Review of medical record documentation, dated 9/13/10, indicated that an Orthopedic Consult was performed. Patient #1's feet were examined by the Orthopedic Physician Assistant (PA). The PA documented a bedside debridement was performed.
The Orthopedic Physician Assistant (PA) was interviewed in person on 9/28/10 at 7:45 A.M. The PA said that on 9/13/10 he/she saw Patient #1. The PA said the documentation was erroneous because he/she did not perform a bed side debridement but rather cleansed and examined the wounds on the right foot by probing the wounds with Q-tips to determine the extent/depth of the wounds. The PA said initially a bedside debridement was considered however; after the examination the determination was made to schedule a surgical debridement.
Tag No.: A0467
Based on interviews and documentation review the Hospital failed to ensure that treatment documentation was accurate and/or completed for one of one patients (Patient #1)
Findings included:
Medical record documentation, dated 9/11/10, indicated that Patient #1 presented to the Emergency Department (ED) with a swollen 2nd toe on the right foot that had been going on for weeks and was recently accompanied by fever and chills.
The ED Nurse assigned to Patient #1 was interviewed on 9/28/10 at 11:15 A.M. The ED Nurse said Patient #1 had a dressing on his/her right foot which the ED Nurse removed. The ED Nurse said after the ED Physician examined Patient #1's feet the ED Nurse cleansed the affected areas on the right foot with gauze soaked normal saline and applied a dry dressing.
Review of ED documentation by the ED Nurse indicated that the wound care/dressing was not documented.
Review of Physician Orders, dated/timed 9/11/10 at 11:56 P.M., indicated that a treatment was ordered for the wound which consisted of daily normal saline irrigation with a dry sterile dressing.
The nurse who admitted Patient #1 (Nurse #3) was interviewed in person on 9/28/10 at 8:25 A.M. Nurse #3 said when Patient #1 came to the Unit his/her right foot was covered with a clean dressing which she left intact.

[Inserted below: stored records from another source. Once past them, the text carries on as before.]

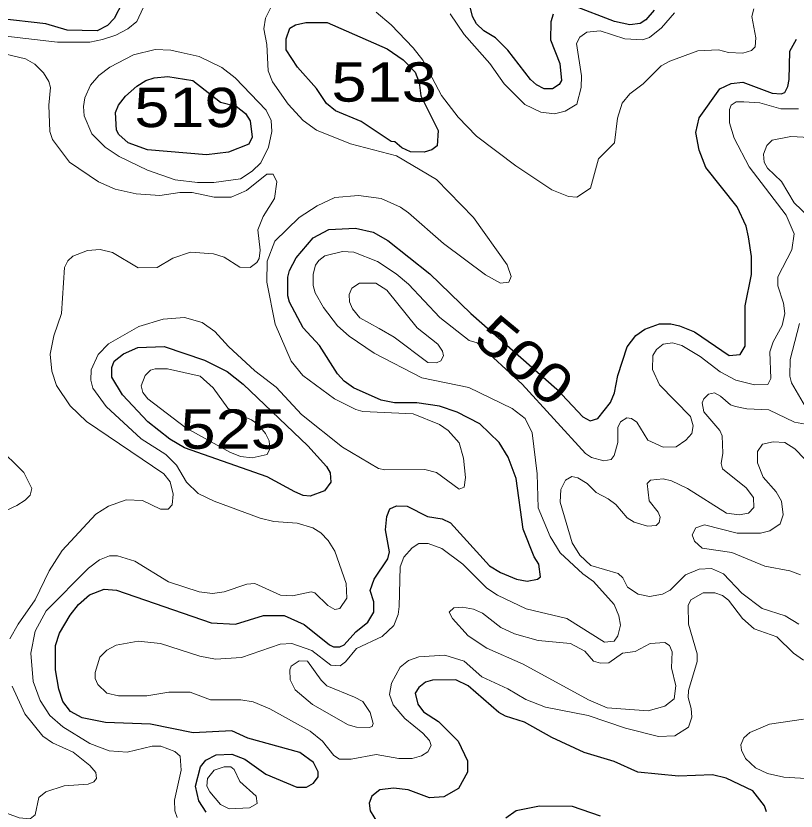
# Model space of a CAD drawing. Extents: x 577 to 602.9, y 7483.8 to 7511.6.
# Drawn here: x 581.887 to 583.474, y 7497.389 to 7499.006 of the extents above; entities that cross this region are included whole.
import ezdxf
from ezdxf.enums import TextEntityAlignment as Align

# ---------------------------------------------------------------- set-up
doc = ezdxf.new("R2010")
doc.units = 0
doc.header["$LTSCALE"] = 0.032
doc.layers.add('1', color=7, linetype='Continuous', lineweight=25)
doc.layers.add('2', color=7, linetype='Continuous', lineweight=13)
doc.layers.add('61', color=7, linetype='Continuous')

msp = doc.modelspace()

# ---------------------------------------------------------------- linework, layer by layer
at = {"layer": '1'}
for points in [[(581.8413, 7499.3597), (581.9518, 7499.4296), (581.9693, 7499.4368), (581.9924, 7499.4376), (582.0019, 7499.4344), (582.013, 7499.4233), (582.0266, 7499.3803), (582.0234, 7499.331), (582.0075, 7499.2634), (582.0075, 7499.2213), (582.0107, 7499.207), (582.0305, 7499.1712), (582.0878, 7499.1124), (582.1053, 7499.0646), (582.1037, 7499.0336), (582.087, 7499.001), (582.0735, 7498.9867), (582.0521, 7498.9759), (581.9916, 7498.9772), (581.9478, 7498.9899), (581.8517, 7499.0006)], [(583.1851, 7499.0177), (583.1684, 7498.9979), (583.1565, 7498.9907), (583.1358, 7498.9883), (583.1048, 7498.9947), (583.0197, 7499.0273)], [(582.98, 7499.0098), (582.9752, 7498.9939), (582.9744, 7498.9573), (582.9935, 7498.9096), (582.9967, 7498.8746), (582.9919, 7498.8666), (582.9784, 7498.8579), (582.9617, 7498.8579), (582.9458, 7498.8659), (582.9339, 7498.877), (582.8877, 7498.9366), (582.8623, 7498.9613), (582.8384, 7498.9756), (582.8241, 7498.9899), (582.8154, 7499.005), (582.8114, 7499.0217)], [(582.4329, 7497.7868), (582.4735, 7497.7685), (582.5251, 7497.7272), (582.5331, 7497.7232), (582.5458, 7497.7232), (582.5546, 7497.7272), (582.5784, 7497.7534), (582.6031, 7497.7733), (582.615, 7497.7932), (582.615, 7497.8146), (582.6078, 7497.8377), (582.6158, 7497.8607), (582.6436, 7497.9021), (582.6468, 7497.9164), (582.6388, 7497.9609), (582.6412, 7497.988), (582.6476, 7498.0039), (582.6611, 7498.0094), (582.6826, 7498.0087), (582.7239, 7497.988), (582.7541, 7497.9832), (582.7708, 7497.9753), (582.8504, 7497.8878), (582.8726, 7497.8743), (582.9052, 7497.8607), (582.9267, 7497.8568), (582.9482, 7497.8607), (582.9537, 7497.8655), (582.9506, 7497.891), (582.941, 7497.9061), (582.9188, 7497.9625), (582.9044, 7498.0651), (582.8885, 7498.1088), (582.8702, 7498.1383), (582.8305, 7498.1764), (582.7844, 7498.2003), (582.7486, 7498.2122), (582.7025, 7498.2194), (582.6571, 7498.2194), (582.6301, 7498.2249), (582.5736, 7498.2496), (582.5546, 7498.2631), (582.541, 7498.2782), (582.5045, 7498.3355), (582.4711, 7498.372), (582.4432, 7498.4237), (582.4401, 7498.4365), (582.4401, 7498.4746), (582.4432, 7498.4881), (582.4568, 7498.5144), (582.4917, 7498.5549), (582.5235, 7498.5716), (582.5776, 7498.5748), (582.6134, 7498.5661), (582.6436, 7498.5494), (582.7287, 7498.4818), (582.8122, 7498.4007), (582.9871, 7498.2472), (583.0404, 7498.1907), (583.0547, 7498.1828), (583.0706, 7498.1876), (583.0961, 7498.2202), (583.1048, 7498.2393), (583.1112, 7498.275), (583.1303, 7498.3331), (583.1478, 7498.3561), (583.1661, 7498.3689), (583.1963, 7498.38), (583.2193, 7498.38), (583.2368, 7498.376), (583.267, 7498.3633), (583.3378, 7498.3156), (583.3601, 7498.3172), (583.3704, 7498.3347), (583.3704, 7498.4166), (583.3831, 7498.4802), (583.3831, 7498.5168), (583.3768, 7498.5565), (583.372, 7498.5788), (583.3537, 7498.6178), (583.2901, 7498.6981), (583.2766, 7498.7331), (583.2702, 7498.7688), (583.2766, 7498.7991), (583.3187, 7498.8579), (583.3418, 7498.869), (583.3656, 7498.8714), (583.4253, 7498.8492), (583.4436, 7498.8476), (583.4507, 7498.8507), (583.4571, 7498.8627), (583.4595, 7498.877), (583.4611, 7498.9342), (583.4746, 7498.9589)], [(582.2739, 7497.3868), (582.2588, 7497.4099), (582.2524, 7497.4393), (582.2627, 7497.4791), (582.2731, 7497.4926), (582.2945, 7497.5029), (582.3263, 7497.5045), (582.3526, 7497.4942), (582.3955, 7497.464), (582.4583, 7497.4377), (582.4782, 7497.4377), (582.4925, 7497.4457), (582.5021, 7497.4584), (582.5021, 7497.4687), (582.4925, 7497.4878), (582.4647, 7497.5077), (582.3589, 7497.5371), (582.3263, 7497.5522), (582.2476, 7497.5482), (582.1609, 7497.5657), (582.0695, 7497.5689), (582.0218, 7497.5785), (581.9979, 7497.5912), (581.9828, 7497.6119), (581.9741, 7497.6365), (581.9677, 7497.6763), (581.9677, 7497.7256), (581.9757, 7497.751), (581.9971, 7497.7876), (582.0146, 7497.8091), (582.0369, 7497.8289), (582.0663, 7497.8401), (582.0918, 7497.8385), (582.2842, 7497.7717), (582.3335, 7497.7693), (582.3908, 7497.7868), (582.4329, 7497.7868)], [(583.4134, 7497.3876), (583.4094, 7497.3995), (583.3855, 7497.4298), (583.3314, 7497.456), (583.3036, 7497.4624), (583.2344, 7497.46), (583.1517, 7497.4679), (583.104, 7497.4894), (583.0428, 7497.5077), (582.9768, 7497.5387), (582.9211, 7497.5697), (582.883, 7497.5816), (582.8695, 7497.5896), (582.8066, 7497.6437), (582.782, 7497.6556), (582.7343, 7497.6548), (582.72, 7497.6508), (582.7064, 7497.6405), (582.6993, 7497.6286), (582.7048, 7497.6063), (582.716, 7497.5904), (582.7462, 7497.5713), (582.7868, 7497.5308), (582.8058, 7497.491), (582.8058, 7497.4679), (582.7875, 7497.4345), (582.7573, 7497.4178), (582.7279, 7497.4155), (582.685, 7497.4321), (582.6548, 7497.4353), (582.6269, 7497.4321), (582.611, 7497.4194), (582.6055, 7497.4051), (582.6078, 7497.3892), (582.6222, 7497.3646)], [(582.8838, 7497.3749), (582.9044, 7497.39), (582.9521, 7497.3995), (583.0181, 7497.3988), (583.0754, 7497.3789)]]:
    msp.add_lwpolyline(points, dxfattribs=at)
for points in [[(582.6504, 7498.751), (582.5895, 7498.7911), (582.5371, 7498.8134), (582.5188, 7498.8277), (582.4981, 7498.8587), (582.4599, 7498.9016), (582.4369, 7498.9374), (582.4369, 7498.9597), (582.444, 7498.9812), (582.456, 7498.9883), (582.4766, 7498.9931), (582.5204, 7498.9931), (582.642, 7498.939), (582.6746, 7498.9167), (582.6993, 7498.8921), (582.7072, 7498.8706), (582.7104, 7498.8436), (582.7458, 7498.773), (582.744, 7498.7418), (582.733, 7498.7335), (582.7174, 7498.7289), (582.6897, 7498.7299), (582.6722, 7498.7378), (582.6579, 7498.7498)], [(582.1962, 7498.8832), (582.2467, 7498.8749), (582.3033, 7498.8309), (582.3351, 7498.8229), (582.3542, 7498.8078), (582.3637, 7498.7927), (582.3677, 7498.7593), (582.3605, 7498.745), (582.3192, 7498.7291), (582.2747, 7498.7235), (582.1546, 7498.7339), (582.1156, 7498.7482), (582.0965, 7498.7649), (582.0918, 7498.7736), (582.0894, 7498.8094), (582.0957, 7498.8245), (582.1101, 7498.8428), (582.1331, 7498.8635), (582.1514, 7498.8746), (582.1681, 7498.8802)], [(582.4544, 7498.0384), (582.3984, 7498.0688), (582.2301, 7498.1279), (582.1999, 7498.1454), (582.1554, 7498.1804), (582.1037, 7498.2353), (582.0822, 7498.2711), (582.0822, 7498.2909), (582.087, 7498.3037), (582.1061, 7498.3188), (582.1347, 7498.3315), (582.1888, 7498.3339), (582.2707, 7498.306), (582.3168, 7498.283), (582.3494, 7498.2575), (582.4806, 7498.1319), (582.5188, 7498.0898), (582.5259, 7498.077), (582.5275, 7498.058), (582.5148, 7498.0405), (582.4854, 7498.0293), (582.4711, 7498.0309)]]:
    msp.add_lwpolyline(points, close=True, dxfattribs=at)
at = {"layer": '2'}
for points in [[(582.4997, 7498.6201), (582.5355, 7498.6368), (582.584, 7498.6408), (582.6301, 7498.6345), (582.6691, 7498.617), (582.6858, 7498.6058), (582.7565, 7498.543), (582.8424, 7498.4794), (582.8726, 7498.4627), (582.8893, 7498.4643), (582.8941, 7498.4762), (582.8861, 7498.5001), (582.8178, 7498.5963), (582.7422, 7498.6734), (582.6611, 7498.7219), (582.5673, 7498.7458), (582.4981, 7498.7736), (582.4711, 7498.7935), (582.4409, 7498.8269), (582.409, 7498.8722), (582.4003, 7498.8945), (582.3971, 7498.9478), (582.3915, 7498.9796), (582.3947, 7499.0018), (582.4162, 7499.0456)], [(582.1458, 7499.0225), (582.1331, 7498.9947), (582.1148, 7498.9796), (582.0902, 7498.9668), (582.0631, 7498.9581), (582.0377, 7498.9525), (581.9717, 7498.9525), (581.8604, 7498.966)], [(582.6198, 7499.0138), (582.65, 7498.9883), (582.6953, 7498.9414), (582.7144, 7498.9159), (582.7526, 7498.8444), (582.7868, 7498.7999), (582.8241, 7498.7617), (582.9036, 7498.7013), (582.9768, 7498.6527), (583.011, 7498.6392), (583.0277, 7498.6376), (583.0555, 7498.6559), (583.0722, 7498.7156), (583.1048, 7498.7482), (583.1104, 7498.7983), (583.1199, 7498.8285), (583.1358, 7498.8476), (583.1629, 7498.8682), (583.1994, 7498.9048), (583.2169, 7498.9144), (583.2742, 7498.935), (583.3163, 7498.9374), (583.3362, 7498.9319), (583.3656, 7498.9303), (583.3831, 7498.9358), (583.3903, 7498.943), (583.3919, 7498.9613), (583.3839, 7499.005), (583.3879, 7499.0209)], [(583.2265, 7499.0122), (583.2002, 7498.9819), (583.1756, 7498.9621), (583.1613, 7498.9573), (583.1255, 7498.9597), (583.0754, 7498.9756), (583.0484, 7498.9732), (583.0341, 7498.9629), (583.0269, 7498.9501), (583.0372, 7498.8841), (583.0364, 7498.8603), (583.0277, 7498.8269), (583.0038, 7498.8126), (582.9824, 7498.807), (582.9545, 7498.8102), (582.9219, 7498.8261), (582.8798, 7498.8682), (582.8512, 7498.9096), (582.7987, 7498.9684), (582.7701, 7499.0106)], [(581.8461, 7498.9334), (581.9065, 7498.9191), (581.9256, 7498.908), (581.9431, 7498.8905), (581.9542, 7498.873), (581.9574, 7498.8603), (581.9542, 7498.8245), (581.9558, 7498.7712), (581.9614, 7498.7545), (581.9963, 7498.7084), (582.0552, 7498.6686), (582.0886, 7498.6535), (582.1315, 7498.644), (582.18, 7498.6408), (582.2206, 7498.6472), (582.2452, 7498.6472), (582.2906, 7498.6376), (582.3248, 7498.6376), (582.3558, 7498.6512), (582.3971, 7498.6846), (582.4106, 7498.6846), (582.4178, 7498.6686), (582.413, 7498.6345), (582.39, 7498.5979), (582.3788, 7498.5708), (582.3836, 7498.5295), (582.382, 7498.5128), (582.3772, 7498.5048), (582.3637, 7498.4945), (582.3422, 7498.4953), (582.3104, 7498.5152), (582.289, 7498.5223), (582.2421, 7498.5255), (582.2063, 7498.5136), (582.1745, 7498.4945), (582.1355, 7498.4937), (582.0838, 7498.5247), (582.0584, 7498.5311), (582.0329, 7498.5287), (582.0027, 7498.5176), (581.9924, 7498.508), (581.986, 7498.4945), (581.9796, 7498.4007), (581.9645, 7498.3553), (581.9566, 7498.318), (581.9598, 7498.2838), (581.9693, 7498.2544), (581.9971, 7498.213), (582.0305, 7498.1812), (582.188, 7498.0747), (582.2007, 7498.0587), (582.2071, 7498.0333), (582.2047, 7498.0118), (582.1967, 7498.0031), (582.1808, 7498.0031), (582.1442, 7498.0206), (582.1116, 7498.0222), (582.0751, 7498.0087), (582.0496, 7497.9927), (581.9812, 7497.9188), (581.955, 7497.8774), (581.9264, 7497.8186), (581.8914, 7497.7693), (581.8747, 7497.7391)], [(582.5156, 7498.5184), (582.5514, 7498.5271), (582.5744, 7498.5255), (582.6222, 7498.5064), (582.6603, 7498.4818), (582.6858, 7498.4603), (582.7494, 7498.3927), (582.809, 7498.3458), (582.8249, 7498.341), (582.9164, 7498.2575), (583.0452, 7498.116), (583.0579, 7498.108), (583.0826, 7498.1009), (583.0977, 7498.1041), (583.104, 7498.112), (583.1112, 7498.1383), (583.1112, 7498.1693), (583.1168, 7498.1804), (583.1295, 7498.1884), (583.139, 7498.1876), (583.1501, 7498.1796), (583.1724, 7498.143), (583.2034, 7498.1287), (583.2297, 7498.1295), (583.2495, 7498.143), (583.2615, 7498.1566), (583.2647, 7498.1725), (583.2591, 7498.1915), (583.1963, 7498.256), (583.182, 7498.287), (583.1827, 7498.3156), (583.1899, 7498.3275), (583.2034, 7498.3387), (583.2225, 7498.341), (583.2416, 7498.3355), (583.279, 7498.3132), (583.3195, 7498.2822), (583.3513, 7498.2655), (583.3895, 7498.256), (583.4165, 7498.2567), (583.4221, 7498.2687), (583.4205, 7498.3227), (583.4269, 7498.3434), (583.4452, 7498.3768), (583.4507, 7498.4007), (583.4483, 7498.4221), (583.4364, 7498.4571), (583.4364, 7498.4754), (583.465, 7498.5303), (583.4698, 7498.5629), (583.4539, 7498.6011), (583.3784, 7498.6989), (583.3481, 7498.7577), (583.3386, 7498.7887), (583.3386, 7498.8158), (583.3418, 7498.8245), (583.3521, 7498.8317), (583.3672, 7498.8317), (583.3998, 7498.8293), (583.4428, 7498.8173), (583.4786, 7498.8173)], [(583.5287, 7498.57), (583.4698, 7498.6257), (583.4444, 7498.6694), (583.4157, 7498.6965), (583.4086, 7498.7084), (583.4078, 7498.7251), (583.4141, 7498.7426), (583.4253, 7498.7537), (583.4634, 7498.7609), (583.539, 7498.7569)], [(582.215, 7497.3757), (582.2102, 7497.3892), (582.2095, 7497.4107), (582.223, 7497.4719), (582.2214, 7497.5005), (582.2102, 7497.5101), (582.1816, 7497.5212), (582.1641, 7497.5212), (582.1132, 7497.5085), (582.0767, 7497.5117), (582.0377, 7497.526), (581.9828, 7497.5602), (581.9558, 7497.5832), (581.9367, 7497.6135), (581.9224, 7497.6524), (581.9176, 7497.7097), (581.9264, 7497.755), (581.9486, 7497.7963), (582.0345, 7497.883), (582.0568, 7497.8997), (582.0775, 7497.9077), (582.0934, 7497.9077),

Review of Nurse #3's documentation, dated 9/12/10, indicated that the right foot was left open to air.
The nurse assigned to Patient #1 on 9/12/10 during the 7:00 A.M. to 3:00 P.M. shift (Nurse #4) was interviewed on 9/28/10 at 8:30 A.M. Nurse #4 reported changing Patient #1's right foot dressing during the morning. Nurse #4 said prior to applying a clean dressing the affected area was cleansed with normal saline. Nurse #4 said the dressing was removed when Patient #1 went for a magnetic resonance imaging study of the right foot.
Review of treatment documentation from 7:00 A.M. to 3:00 P.M. on 9/12/10 indicated that the treatment performed by Nurse #4 was not documented.
Review of medical record documentation, dated 9/13/10, indicated that an Orthopedic Consult was performed. Patient #1's feet were examined by the Orthopedic Physician Assistant (PA). The PA documented a bedside debridement was performed.
The Orthopedic Physician Assistant (PA) was interviewed in person on 9/28/10 at 7:45 A.M. The PA said that on 9/13/10 he/she saw Patient #1. The PA said the documentation was erroneous because he/she did not perform a bed side debridement but rather cleansed and examined the wounds on the right foot by probing the wounds with Q-tips to determine the extent/depth of the wounds. The PA said initially a bedside debridement was considered however; after the examination the determination was made to schedule a surgical debridement.